REYEN | Qualitative Study Reveals ChatGPT Up, Critical Thinking Down

Reading time: about 7 minutes

On Thursday, OpenAI announced that ChatGPT Plus would become free for college students until the end of May. With this subscription, users will have access to GPT-4o, image generation, advanced voice mode and other research tools.

I’ve long suspected that the unparalleled degree of information access granted to us by the internet — and now, artificial intelligence — comes with a loss of internal memory function. 
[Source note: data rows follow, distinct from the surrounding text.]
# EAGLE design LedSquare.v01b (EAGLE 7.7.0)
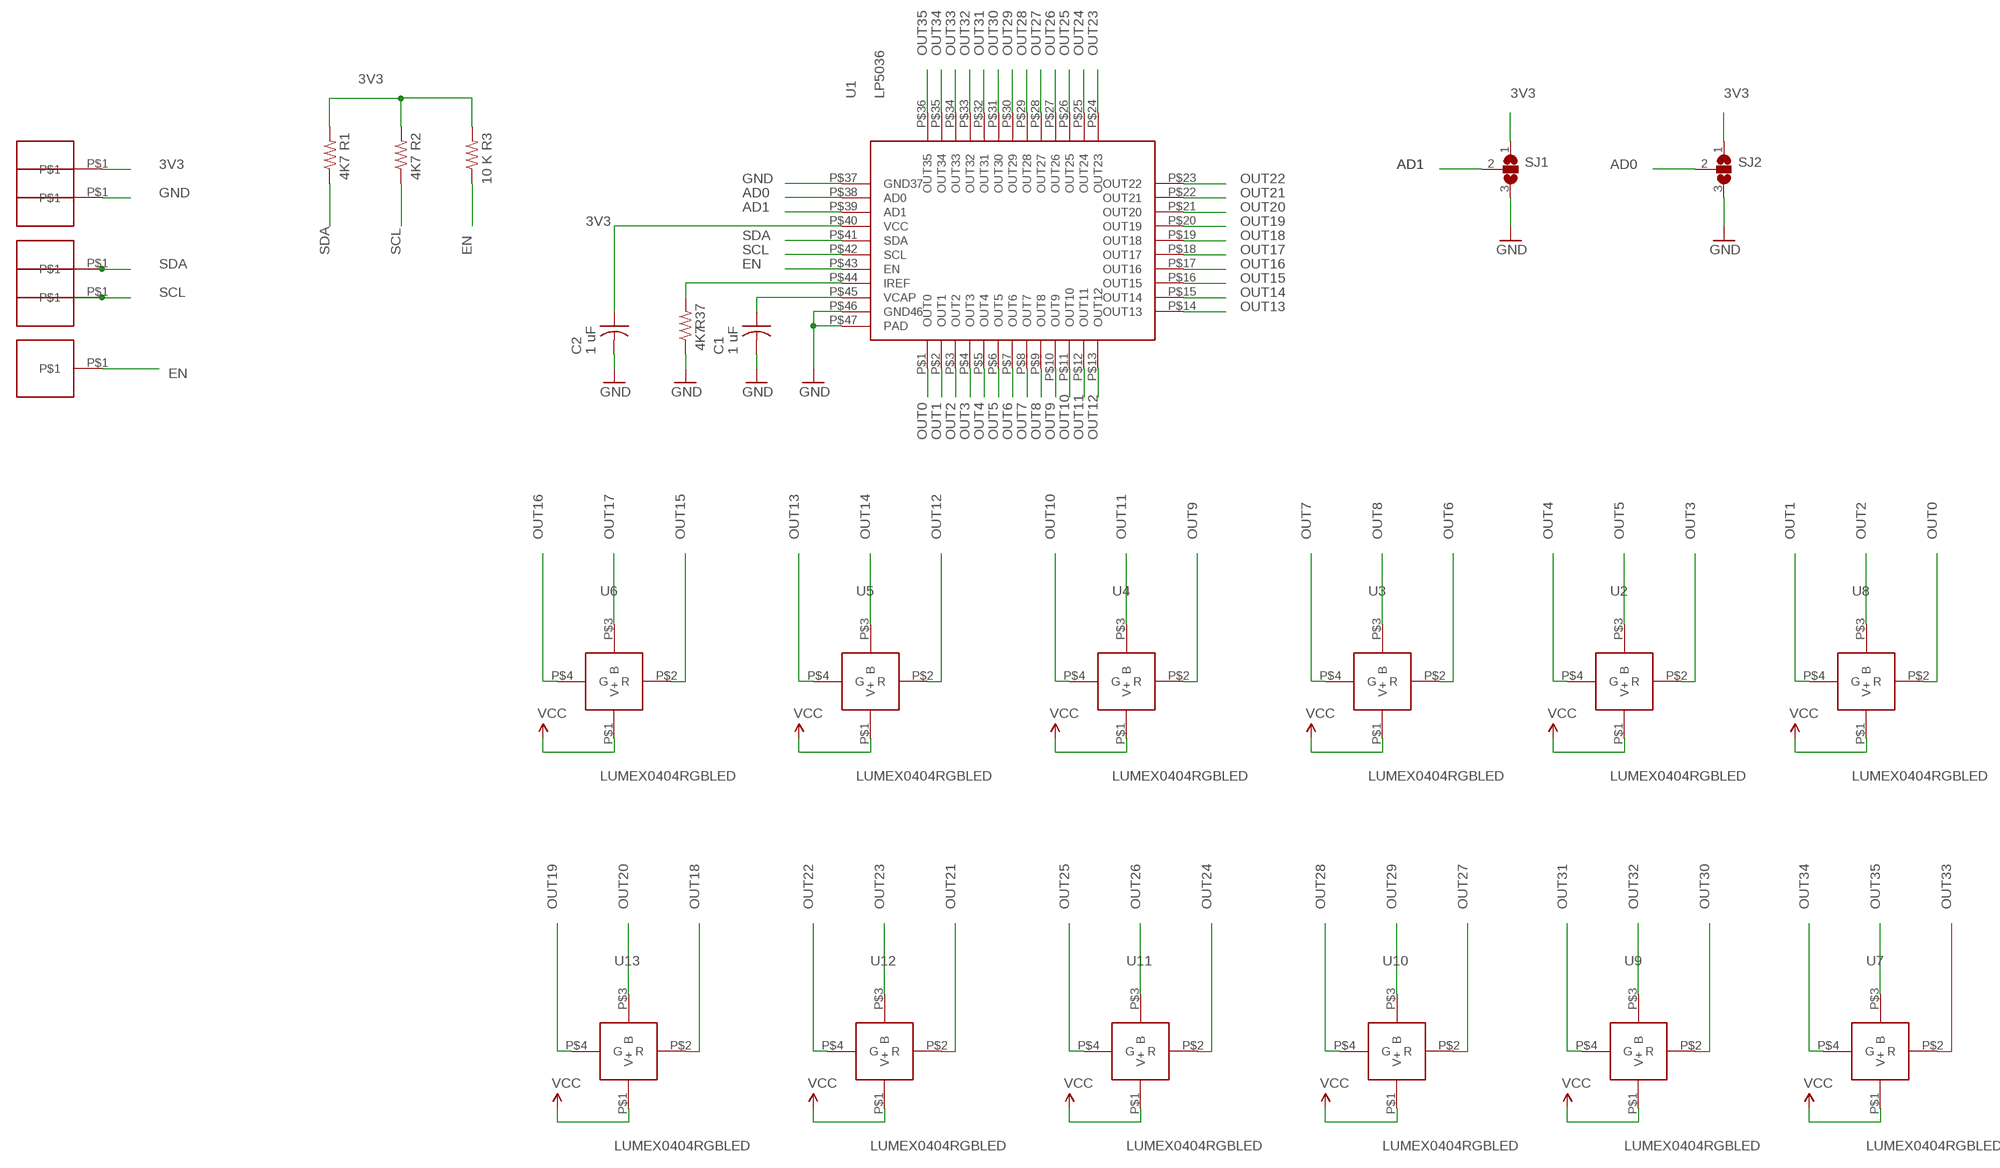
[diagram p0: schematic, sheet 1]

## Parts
C1  1 uF  C-US  [C0402_B]
C2  1 uF  C-US  [C0402_B]
R1  4K7  R-US_  [R0402_B]
R2  4K7  R-US_  [R0402_B]
R3  10 K  R-US_  [R0402_B]
R37  4K7  R-US_  [R0402_B]
SJ1  SJ2W  [SJ_2]
SJ2  SJ2W  [SJ_2]
U1  LP5036  [LP5036]
U2  LUMEX0404RGBLED  [LX0404]
U3  LUMEX0404RGBLED  [LX0404]
U4  LUMEX0404RGBLED  [LX0404]
U5  LUMEX0404RGBLED  [LX0404]
U6  LUMEX0404RGBLED  [LX0404]
U7  LUMEX0404RGBLED  [LX0404]
U8  LUMEX0404RGBLED  [LX0404]
U9  LUMEX0404RGBLED  [LX0404]
U10  LUMEX0404RGBLED  [LX0404]
U11  LUMEX0404RGBLED  [LX0404]
U12  LUMEX0404RGBLED  [LX0404]
U13  LUMEX0404RGBLED  [LX0404]
U$1  HN01  [HN01]
U$2  HN01  [HN01]
U$3  HN01  [HN01]
U$4  HN01  [HN01]
U$9  HN01  [HN01]

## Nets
3V3: C2.1 R1.2 R2.2 R3.2 SJ1.1 SJ2.1 U1.P$40(VCC) U2.P$1(V+) U3.P$1(V+) U4.P$1(V+) U5.P$1(V+) U6.P$1(V+) U7.P$1(V+) U8.P$1(V+) U9.P$1(V+) U10.P$1(V+) U11.P$1(V+) U12.P$1(V+) U13.P$1(V+) U$4.P$1 ; supply symbol labelled VCC
AD0: SJ2.2 U1.P$38(AD0)
AD1: SJ1.2 U1.P$39(AD1)
EN: R3.1 U1.P$43(EN) U$9.P$1
GND: C1.2 C2.2 R37.1 SJ1.3 SJ2.3 U1.P$37(GND37) U1.P$46(GND46) U1.P$47(PAD) U$3.P$1
N$80: R37.2 U1.P$44(IREF)
N$81: C1.1 U1.P$45(VCAP)
OUT0: U1.P$1(OUT0) U8.P$2(R)
OUT1: U1.P$2(OUT1) U8.P$4(G)
OUT2: U1.P$3(OUT2) U8.P$3(B)
OUT3: U1.P$4(OUT3) U2.P$2(R)
OUT4: U1.P$5(OUT4) U2.P$4(G)
OUT5: U1.P$6(OUT5) U2.P$3(B)
OUT6: U1.P$7(OUT6) U3.P$2(R)
OUT7: U1.P$8(OUT7) U3.P$4(G)
OUT8: U1.P$9(OUT8) U3.P$3(B)
OUT9: U1.P$10(OUT9) U4.P$2(R)
OUT10: U1.P$11(OUT10) U4.P$4(G)
OUT11: U1.P$12(OUT11) U4.P$3(B)
OUT12: U1.P$13(OUT12) U5.P$2(R)
OUT13: U1.P$14(OUT13) U5.P$4(G)
OUT14: U1.P$15(OUT14) U5.P$3(B)
OUT15: U1.P$16(OUT15) U6.P$2(R)
OUT16: U1.P$17(OUT16) U6.P$4(G)
OUT17: U1.P$18(OUT17) U6.P$3(B)
OUT18: U1.P$19(OUT18) U13.P$2(R)
OUT19: U1.P$20(OUT19) U13.P$4(G)
OUT20: U1.P$21(OUT20) U13.P$3(B)
OUT21: U1.P$22(OUT21) U12.P$2(R)
OUT22: U1.P$23(OUT22) U12.P$4(G)
OUT23: U1.P$24(OUT23) U12.P$3(B)
OUT24: U1.P$25(OUT24) U11.P$2(R)
OUT25: U1.P$26(OUT25) U11.P$4(G)
OUT26: U1.P$27(OUT26) U11.P$3(B)
OUT27: U1.P$28(OUT27) U10.P$2(R)
OUT28: U1.P$29(OUT28) U10.P$4(G)
OUT29: U1.P$30(OUT29) U10.P$3(B)
OUT30: U1.P$31(OUT30) U9.P$2(R)
OUT31: U1.P$32(OUT31) U9.P$4(G)
OUT32: U1.P$33(OUT32) U9.P$3(B)
OUT33: U1.P$34(OUT33) U7.P$2(R)
OUT34: U1.P$35(OUT34) U7.P$4(G)
OUT35: U1.P$36(OUT35) U7.P$3(B)
SCL: R2.1 U1.P$42(SCL) U$1.P$1
SDA: R1.1 U1.P$41(SDA) U$2.P$1

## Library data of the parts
C1 C2 = Spark:C-US: Capacitor
R1-R3 R37 = Spark:R-US_: 0402 Resistor
SJ1 SJ2 = jumper:SJ2W: SMD solder JUMPER
U1 = Kris:LP5036: LP5036RJVR 12 x 3 rgb led driver http://www.ti.com/lit/ds/symlink/lp5036.pdf
U2-U13 = Kris:LUMEX0404RGBLED: Lumex 0404 rgb leds
U$1-U$4 U$9 = PWSONN6:HN01

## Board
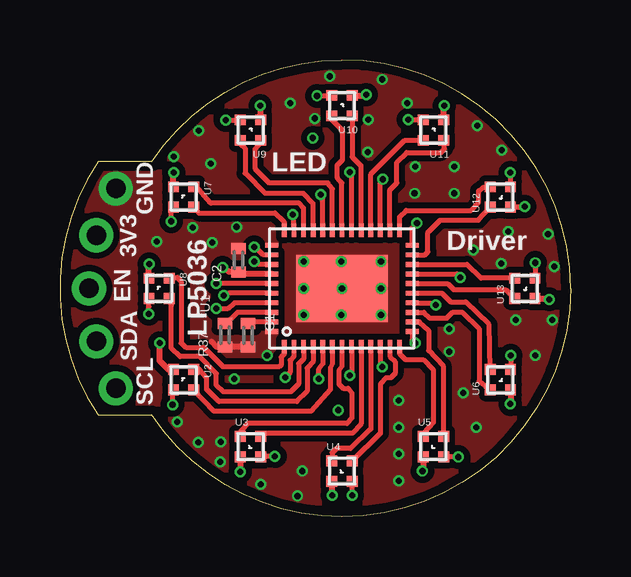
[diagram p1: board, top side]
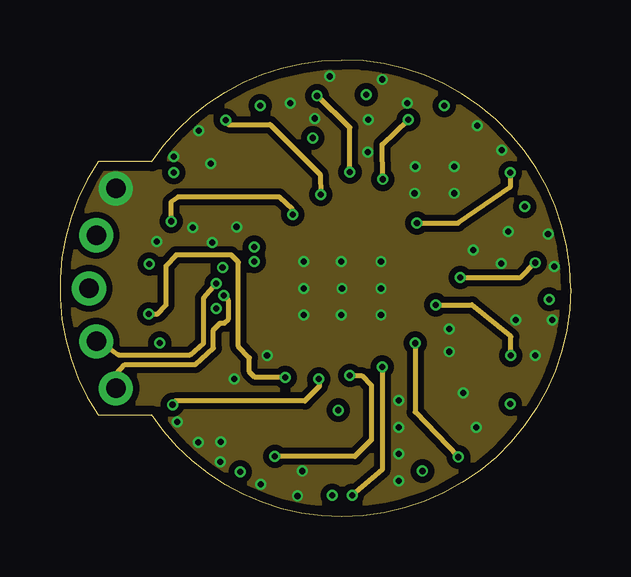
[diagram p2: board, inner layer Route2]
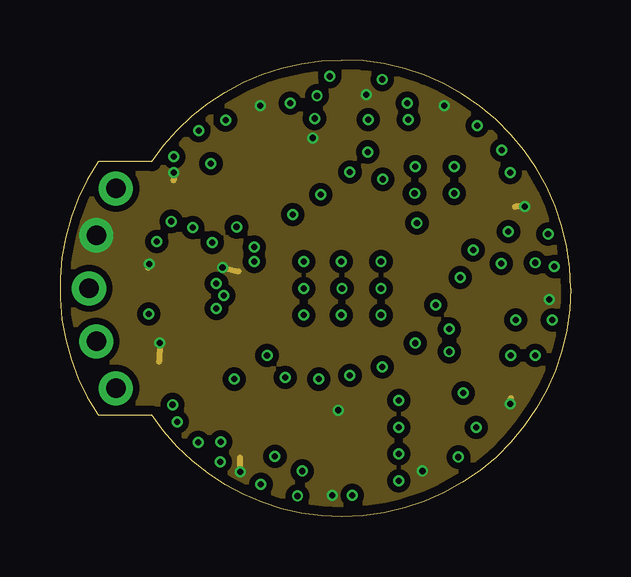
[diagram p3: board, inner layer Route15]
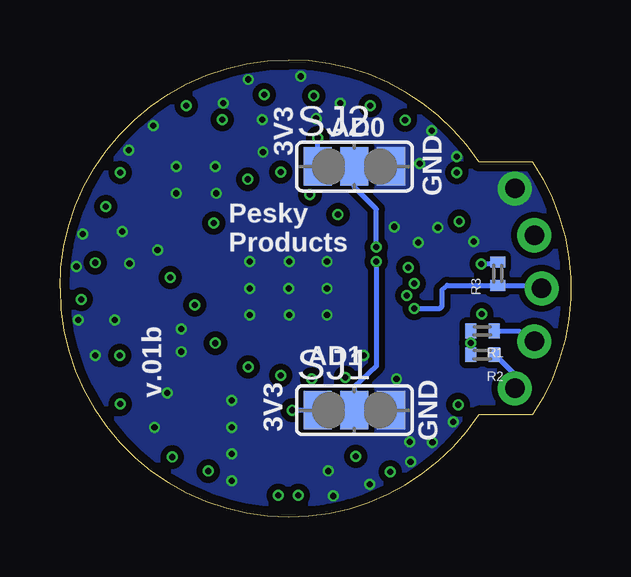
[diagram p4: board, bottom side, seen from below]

Size 21.27 x 19.05 mm. Coordinates in mm from the lower left corner, seen from the top.
Outline: 3.82,14.81 1.59,14.81 arc67 1.59,4.24 3.82,4.24 arc56 11.75,0 arc90 21.27,9.52 arc90 11.75,19.05 arc56 3.82,14.81
Copper layers (1*2*15*16): Top 0.035559375mm / dielectric 0.17018125mm / Route2 0.01778125mm / dielectric 47mil / Route15 0.01778125mm / dielectric 0.17018125mm / Bottom 0.035559375mm
Design rules "OSHPark-4layer *": minimum track width 5mil, minimum drill 10mil, track to track 5mil, track to pad 5mil, pad to pad 5mil, via to via 5mil, smd to smd 5mil, copper to edge 15mil, drill to drill 6mil, minimum pad ring 4mil, minimum via ring 4mil, stop-mask expansion 4mil, vias tented up to drill 20mil, thermal gap 10mil

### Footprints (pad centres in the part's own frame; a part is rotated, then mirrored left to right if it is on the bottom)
C0402_B = smd 0.457 x 0.61: 1 -0.483,0; 2 0.483,0
R0402_B = smd 0.457 x 0.61: 1 -0.483,0; 2 0.483,0
SJ_2 = smd 1.168 x 1.6: 1 -1.524,0; 2 0,0; 3 1.524,0
LP5036 = smd 0.55 x 0.2: P$1 -2.425,2.4; P$2 -2.425,2; P$3 -2.425,1.6; P$4 -2.425,1.2; P$5 -2.425,0.8; P$6 -2.425,0.4; P$7 -2.425,0; P$8 -2.425,-0.4; P$9 -2.425,-0.8; P$10 -2.425,-1.2; P$11 -2.425,-1.6; P$12 -2.425,-2; P$13 -2.425,-2.4; P$24 2.425,-2.4; P$25 2.425,-2; P$26 2.425,-1.6; P$27 2.425,-1.2; P$28 2.425,-0.8; P$29 2.425,-0.4; P$30 2.425,0; P$31 2.425,0.4; P$32 2.425,0.8; P$33 2.425,1.2; P$34 2.425,1.6; P$35 2.425,2; P$36 2.425,2.4 | smd 0.2 x 0.55: P$14 -1.8,-2.925; P$15 -1.4,-2.925; P$16 -1,-2.925; P$17 -0.6,-2.925; P$18 -0.2,-2.925; P$19 0.2,-2.925; P$20 0.6,-2.925; P$21 1,-2.925; P$22 1.4,-2.925; P$23 1.8,-2.925; P$37 1.8,2.925; P$38 1.4,2.925; P$39 1,2.925; P$40 0.6,2.925; P$41 0.2,2.925; P$42 -0.2,2.925; P$43 -0.6,2.925; P$44 -1,2.925; P$45 -1.4,2.925; P$46 -1.8,2.925 | smd 2.8 x 3.8: P$47 0,0
LX0404 = smd 0.45 x 0.45: P$1 -0.425,-0.425; P$2 -0.425,0.425; P$3 0.425,0.425; P$4 0.425,-0.425
HN01 = drill 0.813 pad 1.422: P$1 0,0

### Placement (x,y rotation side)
C1  7.84,7.57 270 top
C2  7.43,10.69 90 top
R1  3.67,7.75 180 bottom
R2  3.67,6.76 180 bottom
R3  3.04,10.13 90 bottom
R37  6.87,7.57 90 top
SJ1  9.01,4.45 0 bottom
SJ2  9.01,14.61 0 bottom
U1  11.75,9.52 90 top
U2  5.15,5.72 270 top
U3  7.94,2.93 0 top
U4  11.75,1.91 0 top
U5  15.56,2.93 0 top
U6  18.35,5.72 90 top
U7  5.15,13.34 270 top
U8  4.13,9.52 270 top
U9  7.94,16.12 180 top
U10  11.75,17.14 180 top
U11  15.56,16.12 180 top
U12  18.35,13.34 90 top
U13  19.37,9.52 90 top
U$1  2.33,5.36 0 top
U$2  1.51,7.32 0 top
U$3  2.33,13.69 0 top
U$4  1.51,11.73 0 top
U$9  1.21,9.52 0 top

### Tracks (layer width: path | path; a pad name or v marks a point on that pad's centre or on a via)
3V3  (via drill 0.25)
  Top 0.254: U1.P$40 7.55,10.12 C2.1 7.05,10.21 v6.77,10.39 | U9.P$1 8.36,17.13 v8.35,17.14 | U10.P$1 12.85,17.57 v12.77,17.6 | U11.P$1 15.98,17.08 v16.02,17.14 | U12.P$1 18.79,12.91 v19.37,12.93 | U13.P$1 20.35,9.1 v20.39,9.07 | U6.P$1 18.77,4.89 v18.76,4.7 | U5.P$1 15.13,1.97 v15.1,1.91 | U4.P$1 11.32,0.96 v11.34,0.89 | U8.P$1 3.7,10.52 v3.72,10.54 | U7.P$1 4.73,14.24 v4.74,14.35 | U3.P$1 7.51,1.84 v7.51,1.88 | U2.P$1 4.52,6.14 4.15,6.5 v4.15,7.25
  Route15 0.203: v11.6,4.45 11.7,4.5
  Route15 0.254: v6.77,10.39 7.43,10.24 | v8.35,17.14 8.35,17.2 8.4,17.14 | v12.77,17.6 12.71,17.55 12.66,17.6 | v16.02,17.14 15.97,17.04 | v19.37,12.93 18.96,12.93 | v20.39,9.07 20.28,9.07 20.33,9.12 | v18.76,4.7 18.79,4.95 | v15.1,1.91 15.15,1.96 15.1,2.01 | v11.34,0.89 11.29,0.89 | v4.15,7.25 4.13,6.48 | v3.72,10.54 3.77,10.49 3.67,10.39 | v4.74,14.35 4.74,14.02 | v7.51,1.88 7.51,2.46
  Bottom 0.203: SJ2.1 v10.53,15.8 | SJ1.1 v11.6,4.45 11.7,4.45 | R3.2 3.34,10.54 v3.72,10.54 | R2.2 4.18,7.23 v4.15,7.25
  Bottom 0.254: R1.2 R2.2
  pour Route15 (isolate 0.254, no thermals): -0.95,22.22 24.45,22.22 24.45,-3.17 -0.95,-3.17
AD0  (via drill 0.25)
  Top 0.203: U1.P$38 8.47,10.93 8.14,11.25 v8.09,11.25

A 2019 study not only suggests this concern, but supports it, finding that the internet’s constant “distractions” and ability to “offload” mental tasks hinder the development of higher-level critical thinking during key stages of brain growth in children and adolescents. 

At Cornell, it’s safe to say that I’ve seen the effects firsthand. Recently, I asked the Cornell Sidechat community how often they use ChatGPT to complete assignments. Out of 324 respondents, 43% responded “most of the time”. Is this a function of overworking students, or of a tendency towards convenience?

Another 22% responded “when I don’t know how to do the work”. In other words, Chat is serving as a substitute for learning itself.

Forbes reports that an estimated 1 in 3 Americans between the ages of 18 and 24 use the platform. 

While undeniably convenient, I have to wonder if this ready-access second brain is quietly dulling our own. While getting my laptop fixed last week, the employee on hand consulted GPT to answer my questions about my computer’s lifespan. And when assisting a group of colleagues with printer issues, I peered over their shoulders to see the familiar “What can I help with?” in ChatGPT’s minimalist interface.

Hoping to assess just how pervasive GPT use is on campus, I’ve taken to conversing with my peers. One student I interviewed was working on an essay for which her professor permitted ChatGPT use.

“It will only hurt me if I use it,” the student said: the assignment was to create work samples for job applications.

She initially asks ChatGPT to generate an essay using the prompt and her notes, then refines awkwardly-worded sections herself before prompting GPT to improve the essay once more.

Collaborative? Or outsourcing?

GPT may seem like the busy student’s solution to managing heavy course loads, job applications, and club activities. But what writing skills will we have left if the tool becomes the first — and final — draft? Using GPT as a crutch removes the process of forming connections and patterns while writing, minimizing the ability to learn from writing feedback and academic improvement. 

Another student uses ChatGPT to turn class notes and an essay prompt into an outline, which she later develops into a cohesive paper. (And, she informed me, the key to job application efficiency is perfecting the slight tweak of an A.I.-prepared cover letter.) 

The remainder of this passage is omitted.